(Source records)
..........
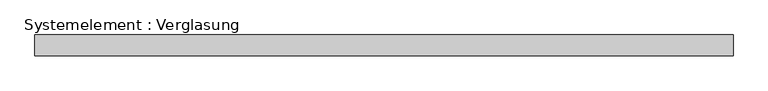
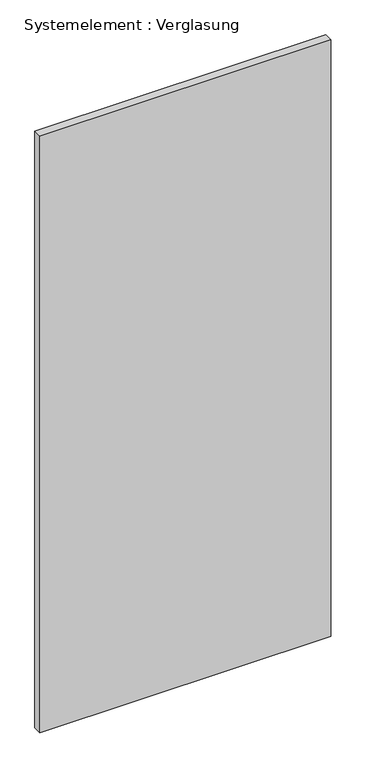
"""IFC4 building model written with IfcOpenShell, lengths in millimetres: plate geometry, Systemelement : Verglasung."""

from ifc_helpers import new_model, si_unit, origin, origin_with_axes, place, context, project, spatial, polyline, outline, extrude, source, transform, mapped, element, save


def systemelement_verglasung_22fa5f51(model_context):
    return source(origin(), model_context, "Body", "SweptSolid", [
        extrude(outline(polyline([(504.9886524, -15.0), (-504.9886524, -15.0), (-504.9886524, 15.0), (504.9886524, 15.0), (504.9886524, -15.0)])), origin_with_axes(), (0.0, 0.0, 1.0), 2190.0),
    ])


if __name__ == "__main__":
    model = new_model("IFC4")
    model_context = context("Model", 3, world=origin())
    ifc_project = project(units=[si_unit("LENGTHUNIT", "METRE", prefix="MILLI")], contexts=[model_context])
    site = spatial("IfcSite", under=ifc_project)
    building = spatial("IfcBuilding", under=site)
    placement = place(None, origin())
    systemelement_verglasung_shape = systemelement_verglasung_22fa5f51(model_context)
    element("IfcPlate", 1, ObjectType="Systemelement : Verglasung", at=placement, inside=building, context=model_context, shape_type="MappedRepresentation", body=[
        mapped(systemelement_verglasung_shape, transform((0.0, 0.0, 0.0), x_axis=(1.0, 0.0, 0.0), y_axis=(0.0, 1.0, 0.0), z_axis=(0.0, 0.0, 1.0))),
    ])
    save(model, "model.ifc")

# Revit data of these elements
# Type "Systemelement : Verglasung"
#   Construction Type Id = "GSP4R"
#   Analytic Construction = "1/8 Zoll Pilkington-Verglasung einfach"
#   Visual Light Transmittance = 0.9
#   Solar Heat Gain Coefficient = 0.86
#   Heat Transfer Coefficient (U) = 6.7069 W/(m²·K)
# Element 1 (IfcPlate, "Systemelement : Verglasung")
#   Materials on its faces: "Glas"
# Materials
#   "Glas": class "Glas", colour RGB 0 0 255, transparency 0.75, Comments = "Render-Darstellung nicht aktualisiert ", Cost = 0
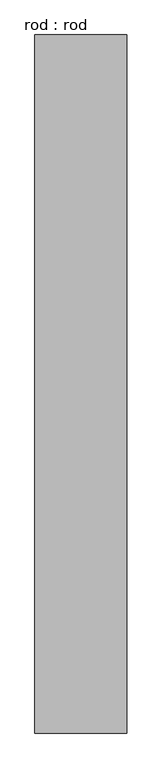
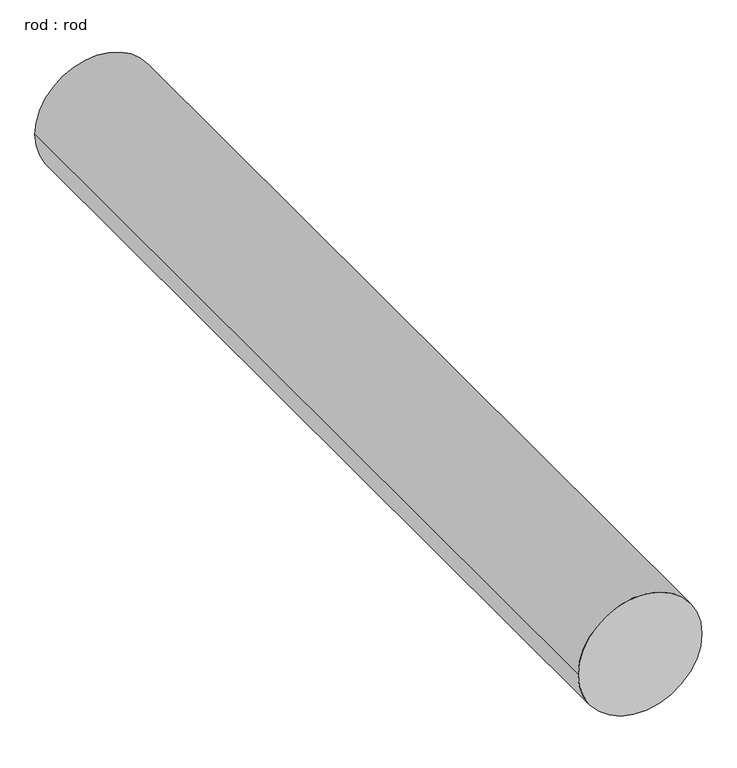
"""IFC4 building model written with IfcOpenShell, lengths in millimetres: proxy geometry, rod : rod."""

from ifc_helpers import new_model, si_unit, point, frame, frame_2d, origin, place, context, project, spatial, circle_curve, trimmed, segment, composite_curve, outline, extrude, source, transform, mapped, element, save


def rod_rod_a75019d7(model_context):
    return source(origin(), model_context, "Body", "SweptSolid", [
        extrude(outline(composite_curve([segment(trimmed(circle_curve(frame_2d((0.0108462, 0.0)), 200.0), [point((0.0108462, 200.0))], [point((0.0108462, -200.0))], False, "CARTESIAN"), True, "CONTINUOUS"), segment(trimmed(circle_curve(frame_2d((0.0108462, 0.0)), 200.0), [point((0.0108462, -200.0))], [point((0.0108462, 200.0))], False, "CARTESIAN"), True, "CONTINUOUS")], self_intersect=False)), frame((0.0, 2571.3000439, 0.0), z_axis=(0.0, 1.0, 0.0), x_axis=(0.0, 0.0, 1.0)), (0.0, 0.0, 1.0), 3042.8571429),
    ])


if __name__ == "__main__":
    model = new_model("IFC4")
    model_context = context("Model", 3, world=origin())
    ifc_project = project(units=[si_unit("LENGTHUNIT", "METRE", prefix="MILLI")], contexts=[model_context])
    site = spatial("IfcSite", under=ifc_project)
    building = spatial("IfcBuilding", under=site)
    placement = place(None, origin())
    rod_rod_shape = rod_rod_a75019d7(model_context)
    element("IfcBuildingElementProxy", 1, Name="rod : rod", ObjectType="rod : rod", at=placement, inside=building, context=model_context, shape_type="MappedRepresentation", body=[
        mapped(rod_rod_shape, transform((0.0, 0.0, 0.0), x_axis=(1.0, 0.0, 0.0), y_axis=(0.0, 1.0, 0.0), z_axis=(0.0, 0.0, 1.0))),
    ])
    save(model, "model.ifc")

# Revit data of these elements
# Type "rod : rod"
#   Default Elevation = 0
..........
__Activity__:
Which lines above include the string "MappedRepresentation"? Show them.

__Response box__:
    element("IfcPlate", 1, ObjectType="Systemelement : Verglasung", at=placement, inside=building, context=model_context, shape_type="MappedRepresentation", body=[
    element("IfcBuildingElementProxy", 1, Name="rod : rod", ObjectType="rod : rod", at=placement, inside=building, context=model_context, shape_type="MappedRepresentation", body=[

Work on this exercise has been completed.